¡Huele a carnaval! Una frase que ya comienza a escucharse en nuestro puerto, y más cuando viene un frente frío y el olor de la brisa difiere del navideño.
Para los mazatlecos, el carnaval es todo un asalto emocional, un viaje hacia un cosmos interno y para mucha gente sencilla, la promesa de la felicidad.
Cada carnaval tiene un guión muy surrealista. Vivirlo es mantener un lazo con el pasado y el futuro, una amena conversación con fantasmas
Una fiesta que elimina las necesarias diferencias culturales siempre será amada por el pueblo... y no solo por la personas agobiadas por la pobreza o los compromisos de crearse o creerse un apellido.

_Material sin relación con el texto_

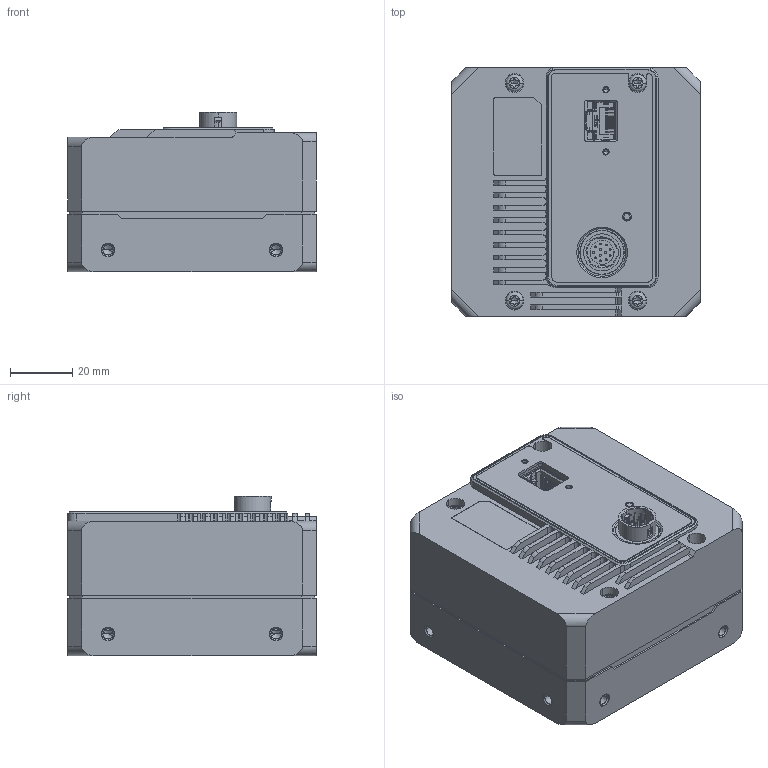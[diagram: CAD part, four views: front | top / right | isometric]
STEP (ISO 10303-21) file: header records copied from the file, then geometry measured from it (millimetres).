
FILE_DESCRIPTION((''),'2;1');
FILE_NAME('00-ALL-ASM_ASM','2021-01-25T20:13:33',('mafangning'),(''),'CREO PARAMETRIC BY PTC INC, 2020044','CREO PARAMETRIC BY PTC INC, 2020044','');
FILE_SCHEMA(('CONFIG_CONTROL_DESIGN'));
Products named in the file (20): DE-14-003952; GLASS; DE-14-003953; DE-17-000380; DE-14-004464; CASE-ALL_ASM; PCB_SENSOR_ASM; HR10A-10R-12PB; D-01-35-26-0096; MV-20126REV1-1_ASM; ST-S46-M24-F24-B000; SC-T1M2X4NL; PCB-ASM_ASM; D-01-37-26-0200; SC-PM2X6B-JMP; DAOREDIAN-22X15; SC-PM3X28T10L9-B-SUS; MV-23195REV1-0_ASM; MV-20126REV12-0121-202101211209; 00-ALL-ASM_ASM
Assembly tree (22 placements, depth 4):
  00-ALL-ASM_ASM
    CASE-ALL_ASM
      DE-14-003952
      GLASS
      DE-14-003953
      DE-17-000380
      DE-14-004464
    PCB-ASM_ASM
      PCB_SENSOR_ASM
      MV-20126REV1-1_ASM
        HR10A-10R-12PB
        D-01-35-26-0096
      ST-S46-M24-F24-B000
      SC-T1M2X4NL
    D-01-37-26-0200
    SC-PM2X6B-JMP
    DAOREDIAN-22X15
    SC-PM3X28T10L9-B-SUS  x4
    MV-23195REV1-0_ASM
    MV-20126REV12-0121-202101211209
Bounding box: 80 x 80 x 51.25 mm (x, y, z)
Volume: 237007.5 mm3; surface area: 73991.9 mm2
Topology: 25 solids, 85 shells, 6023 faces, 17059 edges, 10939 vertices
Faces by surface type: plane 3990, cylinder 1638, cone 177, torus 75, bspline 65, sphere 54, extrusion 24
Entity records: 190565 total; most frequent: CARTESIAN_POINT 39939, ORIENTED_EDGE 31496, DIRECTION 30365, EDGE_CURVE 16389, VECTOR 12345, LINE 12339, VERTEX_POINT 10543, AXIS2_PLACEMENT_3D 9010

Hay gente que estaría perdida si le quitan su cita diaria con el arte. Aun llevada con dignidad, la pobreza es agotadora, monótona y si está uno sumido en ella es posible que no estemos en un momento oportuno a la altura de una circunstancia. A veces es es necesario estar asociado a algo más grande que nosotros para sentirse alguien.
Buscar el arte. Y si no lo hay en un puerto que en su origen fue salvaje como el nuestro, ahí estuvo y está el carnaval, que es arte popular elevado a la enésima potencia. Y hoy ya es dirigido.
En el magma del universo carnavalero, todo es posible y por fortuna desde 1898, con sus altas y bajas, esa olla de presión ha sido organizada y sistematizada para que dejara de ser la eterna lluvia de pedradas entre el barrio del muelle y el barrio del mercado.
Una pasión tan tumultuosa como ésta es inevitable que nos meta en tantos laberintos humanos y escalas del dolor y la pasión.
Aquí hay gran debilidad hacia la gente que resplandece. Pero no siempre es frivolidad.
Supe de un señor huérfano de nacimiento que en su infancia quedó varado en nuestro puerto. Solo el carnaval le dio las respuestas a las preguntas de la vida. Desde que era niño lo supo, en los años cuarenta, cuando estaba en el orfanatorio y la reina del carnaval fue a visitar a los niños y lo tomó en sus brazos.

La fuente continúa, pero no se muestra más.